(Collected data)
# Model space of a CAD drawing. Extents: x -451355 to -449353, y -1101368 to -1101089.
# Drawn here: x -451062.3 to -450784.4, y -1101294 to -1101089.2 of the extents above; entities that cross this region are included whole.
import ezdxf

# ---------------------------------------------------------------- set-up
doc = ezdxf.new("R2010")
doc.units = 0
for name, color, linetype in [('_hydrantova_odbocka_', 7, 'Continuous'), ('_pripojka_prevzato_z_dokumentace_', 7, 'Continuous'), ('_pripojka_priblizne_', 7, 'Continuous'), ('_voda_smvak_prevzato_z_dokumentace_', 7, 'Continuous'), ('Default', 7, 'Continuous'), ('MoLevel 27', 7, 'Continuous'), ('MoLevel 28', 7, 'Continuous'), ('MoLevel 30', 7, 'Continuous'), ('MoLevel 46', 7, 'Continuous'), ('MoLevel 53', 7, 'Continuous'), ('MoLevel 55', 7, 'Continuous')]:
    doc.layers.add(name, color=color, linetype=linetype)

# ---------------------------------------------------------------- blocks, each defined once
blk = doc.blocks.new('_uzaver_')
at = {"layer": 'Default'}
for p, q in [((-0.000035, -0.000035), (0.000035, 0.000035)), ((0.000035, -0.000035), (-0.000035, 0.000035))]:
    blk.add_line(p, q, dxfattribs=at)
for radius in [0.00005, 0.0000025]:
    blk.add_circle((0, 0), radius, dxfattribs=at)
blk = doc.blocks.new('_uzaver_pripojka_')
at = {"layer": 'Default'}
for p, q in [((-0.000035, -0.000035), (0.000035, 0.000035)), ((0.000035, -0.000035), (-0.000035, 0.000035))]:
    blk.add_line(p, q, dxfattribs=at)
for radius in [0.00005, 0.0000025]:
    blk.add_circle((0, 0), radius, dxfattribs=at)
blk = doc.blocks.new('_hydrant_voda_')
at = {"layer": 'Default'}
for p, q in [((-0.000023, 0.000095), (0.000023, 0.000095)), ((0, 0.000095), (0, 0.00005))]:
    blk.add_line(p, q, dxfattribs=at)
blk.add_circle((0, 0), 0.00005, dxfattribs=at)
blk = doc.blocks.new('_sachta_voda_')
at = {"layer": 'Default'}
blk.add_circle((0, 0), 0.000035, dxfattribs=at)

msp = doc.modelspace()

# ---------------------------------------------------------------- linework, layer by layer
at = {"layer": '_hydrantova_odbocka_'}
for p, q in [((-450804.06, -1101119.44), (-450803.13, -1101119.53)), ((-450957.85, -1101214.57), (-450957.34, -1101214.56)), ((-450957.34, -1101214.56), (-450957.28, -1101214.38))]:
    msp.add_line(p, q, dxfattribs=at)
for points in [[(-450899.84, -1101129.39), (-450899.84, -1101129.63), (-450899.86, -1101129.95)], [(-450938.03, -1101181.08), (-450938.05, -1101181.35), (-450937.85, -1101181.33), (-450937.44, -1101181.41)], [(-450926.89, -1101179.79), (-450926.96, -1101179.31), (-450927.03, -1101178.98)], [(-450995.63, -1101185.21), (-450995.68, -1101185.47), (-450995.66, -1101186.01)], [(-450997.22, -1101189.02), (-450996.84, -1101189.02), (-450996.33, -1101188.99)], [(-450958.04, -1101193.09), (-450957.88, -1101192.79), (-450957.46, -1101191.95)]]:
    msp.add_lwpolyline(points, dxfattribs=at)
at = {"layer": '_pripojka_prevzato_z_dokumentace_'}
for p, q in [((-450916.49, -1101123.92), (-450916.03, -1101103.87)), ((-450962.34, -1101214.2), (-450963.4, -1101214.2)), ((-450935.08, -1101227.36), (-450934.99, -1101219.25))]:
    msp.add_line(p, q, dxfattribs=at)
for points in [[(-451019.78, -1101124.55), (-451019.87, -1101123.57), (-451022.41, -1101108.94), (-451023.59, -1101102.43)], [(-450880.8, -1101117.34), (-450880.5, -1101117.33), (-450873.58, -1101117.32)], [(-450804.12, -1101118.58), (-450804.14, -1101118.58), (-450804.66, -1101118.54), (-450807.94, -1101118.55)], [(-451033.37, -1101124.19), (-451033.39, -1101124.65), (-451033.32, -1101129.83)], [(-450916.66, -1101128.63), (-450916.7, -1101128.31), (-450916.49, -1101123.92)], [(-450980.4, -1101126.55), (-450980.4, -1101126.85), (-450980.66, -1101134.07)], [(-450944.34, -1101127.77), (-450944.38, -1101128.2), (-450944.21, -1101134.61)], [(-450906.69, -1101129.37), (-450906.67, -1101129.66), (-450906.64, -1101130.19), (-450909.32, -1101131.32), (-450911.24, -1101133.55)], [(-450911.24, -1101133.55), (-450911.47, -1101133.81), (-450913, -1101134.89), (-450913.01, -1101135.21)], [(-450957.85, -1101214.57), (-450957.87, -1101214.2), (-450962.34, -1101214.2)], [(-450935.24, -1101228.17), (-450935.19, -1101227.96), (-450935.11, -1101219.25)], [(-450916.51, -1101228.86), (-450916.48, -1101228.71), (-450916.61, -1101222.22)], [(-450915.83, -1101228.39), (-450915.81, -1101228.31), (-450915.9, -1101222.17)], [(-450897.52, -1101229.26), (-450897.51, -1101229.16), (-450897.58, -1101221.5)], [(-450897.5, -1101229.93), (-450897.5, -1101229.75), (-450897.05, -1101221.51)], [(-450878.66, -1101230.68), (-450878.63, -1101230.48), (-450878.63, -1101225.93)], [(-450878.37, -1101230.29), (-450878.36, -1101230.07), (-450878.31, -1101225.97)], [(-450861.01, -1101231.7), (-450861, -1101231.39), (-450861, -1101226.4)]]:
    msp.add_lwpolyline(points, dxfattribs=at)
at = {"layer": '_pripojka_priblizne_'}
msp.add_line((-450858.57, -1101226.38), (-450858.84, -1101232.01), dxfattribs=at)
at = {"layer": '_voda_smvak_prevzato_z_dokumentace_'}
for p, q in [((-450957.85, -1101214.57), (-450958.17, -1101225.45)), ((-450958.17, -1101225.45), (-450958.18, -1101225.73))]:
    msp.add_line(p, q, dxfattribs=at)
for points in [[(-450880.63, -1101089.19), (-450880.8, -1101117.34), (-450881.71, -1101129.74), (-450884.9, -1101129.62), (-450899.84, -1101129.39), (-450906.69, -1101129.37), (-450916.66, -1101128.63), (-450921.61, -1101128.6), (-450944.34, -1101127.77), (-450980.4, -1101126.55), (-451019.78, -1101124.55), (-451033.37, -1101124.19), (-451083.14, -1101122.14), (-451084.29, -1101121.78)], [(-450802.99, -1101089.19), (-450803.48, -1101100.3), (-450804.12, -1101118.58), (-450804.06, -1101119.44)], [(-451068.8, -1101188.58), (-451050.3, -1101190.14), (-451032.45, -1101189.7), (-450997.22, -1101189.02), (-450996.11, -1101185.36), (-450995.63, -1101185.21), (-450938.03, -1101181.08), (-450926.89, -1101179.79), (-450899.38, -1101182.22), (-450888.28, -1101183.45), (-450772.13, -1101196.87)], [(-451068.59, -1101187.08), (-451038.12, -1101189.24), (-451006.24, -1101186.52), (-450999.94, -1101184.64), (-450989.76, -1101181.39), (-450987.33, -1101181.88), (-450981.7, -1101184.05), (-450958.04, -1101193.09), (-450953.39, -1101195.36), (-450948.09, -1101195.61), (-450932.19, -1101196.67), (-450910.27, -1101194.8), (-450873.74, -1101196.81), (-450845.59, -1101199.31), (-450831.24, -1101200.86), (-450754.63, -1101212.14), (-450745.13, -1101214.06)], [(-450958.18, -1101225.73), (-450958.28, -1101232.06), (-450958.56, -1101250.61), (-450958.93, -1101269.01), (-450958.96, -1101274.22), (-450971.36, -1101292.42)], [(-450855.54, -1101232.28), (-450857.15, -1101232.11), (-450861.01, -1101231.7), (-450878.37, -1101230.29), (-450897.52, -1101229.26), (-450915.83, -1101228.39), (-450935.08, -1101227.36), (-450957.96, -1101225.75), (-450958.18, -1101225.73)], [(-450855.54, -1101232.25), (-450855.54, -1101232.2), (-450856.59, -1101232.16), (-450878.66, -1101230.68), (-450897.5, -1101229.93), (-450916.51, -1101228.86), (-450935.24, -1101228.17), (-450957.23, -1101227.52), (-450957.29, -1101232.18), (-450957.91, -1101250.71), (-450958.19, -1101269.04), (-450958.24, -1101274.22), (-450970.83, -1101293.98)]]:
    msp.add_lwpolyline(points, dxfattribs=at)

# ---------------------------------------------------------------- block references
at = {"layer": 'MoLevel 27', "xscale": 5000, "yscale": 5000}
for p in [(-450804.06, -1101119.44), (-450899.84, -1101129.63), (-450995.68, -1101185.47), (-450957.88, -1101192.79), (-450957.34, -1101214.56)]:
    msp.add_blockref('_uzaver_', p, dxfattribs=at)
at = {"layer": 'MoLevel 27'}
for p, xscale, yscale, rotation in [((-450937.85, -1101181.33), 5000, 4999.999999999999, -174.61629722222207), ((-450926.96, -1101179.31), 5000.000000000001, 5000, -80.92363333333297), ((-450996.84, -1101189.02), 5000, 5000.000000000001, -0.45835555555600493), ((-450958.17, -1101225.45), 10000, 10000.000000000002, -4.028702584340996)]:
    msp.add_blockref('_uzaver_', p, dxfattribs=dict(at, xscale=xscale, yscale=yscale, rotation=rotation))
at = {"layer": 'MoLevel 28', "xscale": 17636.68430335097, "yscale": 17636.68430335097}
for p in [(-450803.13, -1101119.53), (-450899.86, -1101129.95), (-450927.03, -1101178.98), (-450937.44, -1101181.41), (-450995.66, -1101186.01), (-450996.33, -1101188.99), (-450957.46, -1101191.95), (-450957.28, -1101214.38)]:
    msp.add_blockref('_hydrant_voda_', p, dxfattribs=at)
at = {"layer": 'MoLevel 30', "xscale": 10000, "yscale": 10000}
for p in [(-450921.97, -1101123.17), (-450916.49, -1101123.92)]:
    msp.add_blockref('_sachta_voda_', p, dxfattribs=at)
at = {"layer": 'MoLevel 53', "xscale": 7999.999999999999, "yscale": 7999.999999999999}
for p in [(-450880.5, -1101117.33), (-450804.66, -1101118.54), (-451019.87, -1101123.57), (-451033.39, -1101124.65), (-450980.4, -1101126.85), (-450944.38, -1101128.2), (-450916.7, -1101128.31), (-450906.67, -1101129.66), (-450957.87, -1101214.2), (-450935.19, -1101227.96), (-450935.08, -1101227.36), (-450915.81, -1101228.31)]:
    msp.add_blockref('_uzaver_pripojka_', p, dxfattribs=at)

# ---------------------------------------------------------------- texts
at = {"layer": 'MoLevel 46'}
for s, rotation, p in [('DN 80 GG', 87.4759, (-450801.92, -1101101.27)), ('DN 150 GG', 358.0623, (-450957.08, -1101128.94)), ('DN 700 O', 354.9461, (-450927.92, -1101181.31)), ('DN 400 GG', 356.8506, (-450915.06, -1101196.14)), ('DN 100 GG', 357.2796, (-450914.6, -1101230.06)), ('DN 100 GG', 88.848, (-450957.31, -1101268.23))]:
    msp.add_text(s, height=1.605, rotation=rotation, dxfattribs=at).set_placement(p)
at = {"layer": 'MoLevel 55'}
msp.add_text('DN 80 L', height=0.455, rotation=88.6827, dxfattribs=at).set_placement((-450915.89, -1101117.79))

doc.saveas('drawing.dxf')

> [Problem statement]
Read the entries and show each line that mentions "color".

> [Response for this exercise]
for name, color, linetype in [('_hydrantova_odbocka_', 7, 'Continuous'), ('_pripojka_prevzato_z_dokumentace_', 7, 'Continuous'), ('_pripojka_priblizne_', 7, 'Continuous'), ('_voda_smvak_prevzato_z_dokumentace_', 7, 'Continuous'), ('Default', 7, 'Continuous'), ('MoLevel 27', 7, 'Continuous'), ('MoLevel 28', 7, 'Continuous'), ('MoLevel 30', 7, 'Continuous'), ('MoLevel 46', 7, 'Continuous'), ('MoLevel 53', 7, 'Continuous'), ('MoLevel 55', 7, 'Continuous')]:
    doc.layers.add(name, color=color, linetype=linetype)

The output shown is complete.